*** Opening of DATASET ***

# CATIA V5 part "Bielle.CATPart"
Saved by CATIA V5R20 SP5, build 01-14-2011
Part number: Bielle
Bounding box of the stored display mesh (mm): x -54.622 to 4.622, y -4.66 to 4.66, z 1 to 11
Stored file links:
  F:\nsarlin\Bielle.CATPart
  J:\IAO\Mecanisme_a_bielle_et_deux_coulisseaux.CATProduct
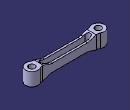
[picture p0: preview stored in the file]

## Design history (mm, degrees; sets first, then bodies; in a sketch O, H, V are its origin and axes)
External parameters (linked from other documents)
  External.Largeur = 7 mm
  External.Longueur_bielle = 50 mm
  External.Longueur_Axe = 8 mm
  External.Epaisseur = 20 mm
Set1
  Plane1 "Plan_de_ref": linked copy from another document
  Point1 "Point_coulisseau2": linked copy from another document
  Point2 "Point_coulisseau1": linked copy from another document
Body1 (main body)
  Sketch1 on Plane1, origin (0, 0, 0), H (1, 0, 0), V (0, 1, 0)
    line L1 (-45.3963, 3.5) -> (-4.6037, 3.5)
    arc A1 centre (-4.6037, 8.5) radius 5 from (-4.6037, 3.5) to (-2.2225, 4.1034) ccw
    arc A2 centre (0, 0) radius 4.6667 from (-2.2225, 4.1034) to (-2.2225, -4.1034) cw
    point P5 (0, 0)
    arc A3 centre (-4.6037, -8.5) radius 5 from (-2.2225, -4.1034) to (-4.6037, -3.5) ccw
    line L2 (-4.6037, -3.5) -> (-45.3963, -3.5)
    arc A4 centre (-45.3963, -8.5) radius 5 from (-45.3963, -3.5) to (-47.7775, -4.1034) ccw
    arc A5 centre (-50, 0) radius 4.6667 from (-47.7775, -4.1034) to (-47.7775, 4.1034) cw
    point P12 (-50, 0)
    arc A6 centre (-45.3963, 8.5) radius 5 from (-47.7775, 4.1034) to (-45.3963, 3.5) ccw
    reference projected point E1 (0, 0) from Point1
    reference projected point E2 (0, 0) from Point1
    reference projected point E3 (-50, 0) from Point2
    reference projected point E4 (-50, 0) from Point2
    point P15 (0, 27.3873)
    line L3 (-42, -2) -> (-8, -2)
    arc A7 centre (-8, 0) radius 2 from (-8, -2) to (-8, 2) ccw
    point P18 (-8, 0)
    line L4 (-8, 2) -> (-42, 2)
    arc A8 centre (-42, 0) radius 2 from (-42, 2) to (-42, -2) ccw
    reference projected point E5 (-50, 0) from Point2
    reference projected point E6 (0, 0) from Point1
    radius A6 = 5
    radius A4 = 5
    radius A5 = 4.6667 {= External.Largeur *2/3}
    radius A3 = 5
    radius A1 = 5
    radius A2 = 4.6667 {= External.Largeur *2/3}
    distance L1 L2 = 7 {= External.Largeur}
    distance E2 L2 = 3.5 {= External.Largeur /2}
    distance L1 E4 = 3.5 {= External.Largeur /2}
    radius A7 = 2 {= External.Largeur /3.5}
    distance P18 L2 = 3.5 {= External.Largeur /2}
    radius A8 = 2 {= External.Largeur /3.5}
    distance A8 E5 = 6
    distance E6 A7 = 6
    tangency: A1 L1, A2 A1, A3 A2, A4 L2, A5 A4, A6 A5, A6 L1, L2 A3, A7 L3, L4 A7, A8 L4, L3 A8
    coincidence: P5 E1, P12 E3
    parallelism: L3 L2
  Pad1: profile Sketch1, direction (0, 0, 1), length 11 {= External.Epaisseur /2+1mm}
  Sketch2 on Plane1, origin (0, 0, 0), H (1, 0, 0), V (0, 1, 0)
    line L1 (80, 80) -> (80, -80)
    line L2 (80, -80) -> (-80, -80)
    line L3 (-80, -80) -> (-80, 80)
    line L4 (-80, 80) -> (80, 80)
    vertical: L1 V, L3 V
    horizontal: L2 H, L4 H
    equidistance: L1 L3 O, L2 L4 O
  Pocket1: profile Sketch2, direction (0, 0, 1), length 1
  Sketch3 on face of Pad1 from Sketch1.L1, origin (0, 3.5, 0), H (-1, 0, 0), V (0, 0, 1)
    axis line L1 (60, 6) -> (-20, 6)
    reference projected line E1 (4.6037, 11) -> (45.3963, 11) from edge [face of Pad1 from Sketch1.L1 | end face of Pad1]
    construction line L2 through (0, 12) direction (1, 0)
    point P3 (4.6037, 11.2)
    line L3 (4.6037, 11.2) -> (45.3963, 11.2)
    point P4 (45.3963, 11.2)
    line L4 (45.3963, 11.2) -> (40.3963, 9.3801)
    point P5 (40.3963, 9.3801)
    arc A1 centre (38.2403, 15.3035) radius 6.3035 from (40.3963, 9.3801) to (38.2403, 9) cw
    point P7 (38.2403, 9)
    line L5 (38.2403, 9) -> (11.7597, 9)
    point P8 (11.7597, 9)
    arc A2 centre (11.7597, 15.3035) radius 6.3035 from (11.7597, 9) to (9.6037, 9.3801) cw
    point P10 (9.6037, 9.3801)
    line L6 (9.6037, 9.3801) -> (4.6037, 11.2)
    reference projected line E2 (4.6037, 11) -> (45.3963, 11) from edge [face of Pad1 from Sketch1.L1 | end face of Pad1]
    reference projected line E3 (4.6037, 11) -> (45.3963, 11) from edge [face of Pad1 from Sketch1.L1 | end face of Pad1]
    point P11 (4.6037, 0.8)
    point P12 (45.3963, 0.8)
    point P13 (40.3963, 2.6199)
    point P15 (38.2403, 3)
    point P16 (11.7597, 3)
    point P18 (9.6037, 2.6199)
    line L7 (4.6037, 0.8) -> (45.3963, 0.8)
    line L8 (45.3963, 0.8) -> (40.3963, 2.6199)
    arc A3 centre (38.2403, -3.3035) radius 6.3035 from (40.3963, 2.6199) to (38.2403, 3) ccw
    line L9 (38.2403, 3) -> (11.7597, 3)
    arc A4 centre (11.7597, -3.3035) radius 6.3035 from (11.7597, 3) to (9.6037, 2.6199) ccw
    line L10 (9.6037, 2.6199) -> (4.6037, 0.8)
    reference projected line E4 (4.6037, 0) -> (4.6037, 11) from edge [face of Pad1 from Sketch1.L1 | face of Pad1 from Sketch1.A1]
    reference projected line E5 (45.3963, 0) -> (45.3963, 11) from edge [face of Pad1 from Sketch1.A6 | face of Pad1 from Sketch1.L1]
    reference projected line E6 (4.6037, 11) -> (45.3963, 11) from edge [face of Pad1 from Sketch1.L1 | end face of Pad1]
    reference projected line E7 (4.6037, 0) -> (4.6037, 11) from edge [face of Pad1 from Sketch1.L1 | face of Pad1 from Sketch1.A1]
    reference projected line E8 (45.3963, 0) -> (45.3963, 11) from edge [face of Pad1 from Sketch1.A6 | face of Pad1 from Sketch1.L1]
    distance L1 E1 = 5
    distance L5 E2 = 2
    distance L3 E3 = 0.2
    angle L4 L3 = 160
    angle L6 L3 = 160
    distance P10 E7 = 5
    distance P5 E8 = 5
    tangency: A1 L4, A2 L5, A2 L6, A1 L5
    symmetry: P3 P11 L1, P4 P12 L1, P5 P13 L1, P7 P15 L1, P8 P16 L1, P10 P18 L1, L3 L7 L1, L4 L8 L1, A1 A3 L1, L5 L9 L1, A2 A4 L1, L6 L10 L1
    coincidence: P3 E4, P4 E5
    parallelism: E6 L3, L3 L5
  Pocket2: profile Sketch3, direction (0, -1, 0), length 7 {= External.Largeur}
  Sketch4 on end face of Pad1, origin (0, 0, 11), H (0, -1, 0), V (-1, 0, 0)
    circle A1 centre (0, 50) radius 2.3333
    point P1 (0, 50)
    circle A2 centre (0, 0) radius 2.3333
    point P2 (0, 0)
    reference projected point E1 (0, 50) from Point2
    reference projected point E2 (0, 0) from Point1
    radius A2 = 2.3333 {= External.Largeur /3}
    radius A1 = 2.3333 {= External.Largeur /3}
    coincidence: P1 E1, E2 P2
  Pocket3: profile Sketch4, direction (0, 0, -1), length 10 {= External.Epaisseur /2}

*** Close of DATASET ***

→ **WHAT TO WORK ON**
Within the data above, the lines from the one with "parallelism: L3 L2" to the one with "line L4 (45.3963, 11.2)" must be repeated exactly; no other line belongs in the answer.

→ **THE ANSWER**
    parallelism: L3 L2
  Pad1: profile Sketch1, direction (0, 0, 1), length 11 {= External.Epaisseur /2+1mm}
  Sketch2 on Plane1, origin (0, 0, 0), H (1, 0, 0), V (0, 1, 0)
    line L1 (80, 80) -> (80, -80)
    line L2 (80, -80) -> (-80, -80)
    line L3 (-80, -80) -> (-80, 80)
    line L4 (-80, 80) -> (80, 80)
    vertical: L1 V, L3 V
    horizontal: L2 H, L4 H
    equidistance: L1 L3 O, L2 L4 O
  Pocket1: profile Sketch2, direction (0, 0, 1), length 1
  Sketch3 on face of Pad1 from Sketch1.L1, origin (0, 3.5, 0), H (-1, 0, 0), V (0, 0, 1)
    axis line L1 (60, 6) -> (-20, 6)
    reference projected line E1 (4.6037, 11) -> (45.3963, 11) from edge [face of Pad1 from Sketch1.L1 | end face of Pad1]
    construction line L2 through (0, 12) direction (1, 0)
    point P3 (4.6037, 11.2)
    line L3 (4.6037, 11.2) -> (45.3963, 11.2)
    point P4 (45.3963, 11.2)
    line L4 (45.3963, 11.2) -> (40.3963, 9.3801)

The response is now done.